Jean-Paul Perreault, président

Questions à la candidate et aux candidats de la région de l’Outaouais

1) Des études récentes ont démontré l’existence en Outaouais d’un problème d’exode des jeunes qui veulent poursuivre des études. Le sous-financement de l’Université du Québec en Outaouais (UQO) et le déficit de l’Outaouais en programmes collégiaux et universitaires sont en cause. L’éducation postsecondaire constitue un autre secteur clé où la région et sa population sont grandement défavorisées par rapport aux régions comparables du Québec (Estrie, Mauricie et Saguenay).

Quelles sont les mesures que vous entendez défendre et promouvoir pour que cessent le sous-financement et le sous-développement de l’Outaouais dans le domaine de l’éducation postsecondaire?

2) Il existe un déséquilibre fiscal inacceptable entre l’Outaouais et le reste du Québec en matière de financement des services de santé. Ce déséquilibre agit de façon persistante au détriment de la santé de la population outaouaise. Le déficit fiscal sur ce plan entre l’Outaouais et le reste du Québec était, par exemple, de 382 millions de dollars durant l’année 2005-2006.

Les dépenses en santé en 2005-2006 sont de 2102 dollars par personne dans l’Outaouais alors qu’elles sont de 3218 dollars dans le reste du Québec, incluant la région de Montréal. Pour la même période, le Québec a versé près de 55 millions de dollars à l’Ontario afin de rembourser des services médicaux qui ne sont pas accessibles en Outaouais. C’est près de 12 % du budget de fonctionnement régional !

Qu’entendez-vous faire pour que cesse la discrimination en services de santé dont est victime la population de l’Outaouais? Pour que la région obtienne sa juste part des dépenses québécoises consacrées à la santé? Pour que l’UQO et le Cégep de l’Outaouais offrent les programmes d’études qui manquent à notre région en matière de formation des travailleurs de la santé? Pour vous assurer que les nouveaux programmes en soins de santé offerts à l’UQO soient rattachés à un Réseau universitaire intégré de santé (RUIS) de langue française et non celui du McGill University Health Center reconnu pour ses difficultés à offrir des services de santé en français?

Qu’entendez-vous faire pour moderniser les hôpitaux existants? Qu’entendez-vous faire pour construire, à Gatineau, un centre hospitalier universitaire comme en possèdent les régions de Québec et de Sherbrooke?

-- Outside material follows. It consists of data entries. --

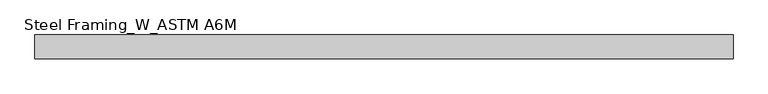
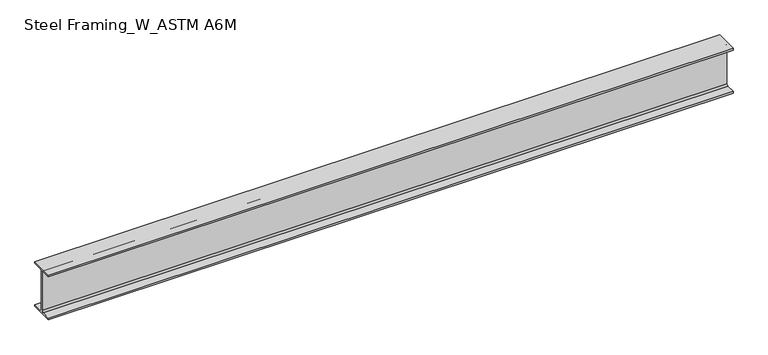
"""IFC4 building model written with IfcOpenShell, lengths in millimetres: beam geometry, Steel Framing_W_ASTM A6M : H_SB_AR_S02_W200x22.5_RB5."""

from ifc_helpers import new_model, si_unit, point, frame, frame_2d, origin, place, context, project, spatial, polyline, circle_curve, trimmed, segment, composite_curve, outline, extrude, source, transform, mapped, element, save


def steel_framing_w_astm_a6m_c4277c11(model_context):
    return source(origin(), model_context, "Body", "SweptSolid", [
        extrude(outline(composite_curve([segment(polyline([(51.0, -95.0), (51.0, -103.0), (-51.0, -103.0), (-51.0, -95.0), (-10.71, -95.0)]), True, "CONTINUOUS"), segment(trimmed(circle_curve(frame_2d((-10.71, -87.4)), 7.6), [point((-10.71, -95.0))], [point((-3.11, -87.4))], True, "CARTESIAN"), True, "CONTINUOUS"), segment(polyline([(-3.11, -87.4), (-3.11, 87.4)]), True, "CONTINUOUS"), segment(trimmed(circle_curve(frame_2d((-10.71, 87.4)), 7.6), [point((-3.11, 87.4))], [point((-10.71, 95.0))], True, "CARTESIAN"), True, "CONTINUOUS"), segment(polyline([(-10.71, 95.0), (-51.0, 95.0), (-51.0, 103.0), (51.0, 103.0), (51.0, 95.0), (10.71, 95.0)]), True, "CONTINUOUS"), segment(trimmed(circle_curve(frame_2d((10.71, 87.4)), 7.6), [point((10.71, 95.0))], [point((3.11, 87.4))], True, "CARTESIAN"), True, "CONTINUOUS"), segment(polyline([(3.11, 87.4), (3.11, -87.4)]), True, "CONTINUOUS"), segment(trimmed(circle_curve(frame_2d((10.71, -87.4)), 7.6), [point((3.11, -87.4))], [point((10.71, -95.0))], True, "CARTESIAN"), True, "CONTINUOUS"), segment(polyline([(10.71, -95.0), (51.0, -95.0)]), True, "CONTINUOUS")], self_intersect=False)), frame((-1487.2, 0.0, 0.0), z_axis=(1.0, 0.0, 0.0), x_axis=(0.0, 1.0, 0.0)), (0.0, 0.0, 1.0), 2974.4),
    ])


if __name__ == "__main__":
    model = new_model("IFC4")
    model_context = context("Model", 3, world=origin())
    ifc_project = project(units=[si_unit("LENGTHUNIT", "METRE", prefix="MILLI")], contexts=[model_context])
    site = spatial("IfcSite", under=ifc_project)
    building = spatial("IfcBuilding", under=site)
    placement = place(None, origin())
    steel_framing_w_astm_a6m_shape = steel_framing_w_astm_a6m_c4277c11(model_context)
    element("IfcBeam", 1, ObjectType="Steel Framing_W_ASTM A6M : H_SB_AR_S02_W200x22.5_RB5", at=placement, inside=building, context=model_context, shape_type="MappedRepresentation", body=[
        mapped(steel_framing_w_astm_a6m_shape, transform((0.0, 0.0, 0.0), x_axis=(1.0, 0.0, 0.0), y_axis=(0.0, 1.0, 0.0), z_axis=(0.0, 0.0, 1.0))),
    ])
    save(model, "model.ifc")

# Revit data of these elements
# Type "Steel Framing_W_ASTM A6M : H_SB_AR_S02_W200x22.5_RB5"
#   Type Mark = "RB5"
#   Section Name Key = "W8x15"
#   Width = 10.2 cm
#   Web Thickness = 0.622 cm
#   Web Fillet = 0.76 cm
#   Warping Constant = 13900.0 cm⁶
#   Torsional Moment of Inertia = 5.70 cm⁴
#   Section Area = 28.6 cm²
#   Plastic Modulus weak axis = 43.8 cm³
#   Plastic Modulus strong axis = 223.0 cm³
#   Perimeter = 0.795 m²/m
#   Nominal Weight = 22.50 kgf/m
#   Moment of Inertia weak axis = 142.00 cm⁴
#   Moment of Inertia strong axis = 2000.00 cm⁴
#   Height = 20.6 cm
#   Flange Thickness = 0.8 cm
#   Elastic Modulus weak axis = 27.9 cm³
#   Elastic Modulus strong axis = 193.0 cm³
#   Centroid Vertical = 10.3 cm
#   Centroid Horizontal = 5.1 cm
#   Length [instance default] = 1500 mm
#   Structural Material [instance default] = Steel, 45-345
#   Bolt Spacing = 0
#   Assembly Code = ""
# Element 1 (IfcBeam, "Steel Framing_W_ASTM A6M : H_SB_AR_S02_W200x22.5_RB5")
#   Materials on its faces: "Steel, 45-345"
# Materials
#   "Steel, 45-345": class "Metal", colour RGB 189 187 185, transparency 0, Description = "Steel 345 MPa", Cost = 0

3) Il est bien connu que la région frontalière de l’Outaouais vit des phénomènes de trafic identitaire et de braconnage fiscal. De trop nombreux résidants du Québec trafiquent leur identité pour se déclarer Ontariens afin de ne pas payer l’impôt au Québec, obligeant ainsi l’ensemble des autres contribuables du Québec à payer leur part.

Quelles mesures « concrètes » entendez-vous prendre afin que cessent ces pratiques qui appauvrissent l’ensemble de la société québécoise et affaiblissent l’identité québécoise de l’Outaouais?

4) L’Outaouais est la troisième région en importance pour l’accueil des immigrants internationaux et une région importante pour l’accueil des nouveaux arrivants en provenance des provinces canadiennes. Nombre de ces nouveaux citoyens ne parlent pas français. La langue anglaise continue de dominer dans les transferts linguistiques. À Gatineau et dans ses banlieues, la communauté anglophone voit ainsi son importance augmenter de 18 % à cause de l’assimilation des francophones et allophones.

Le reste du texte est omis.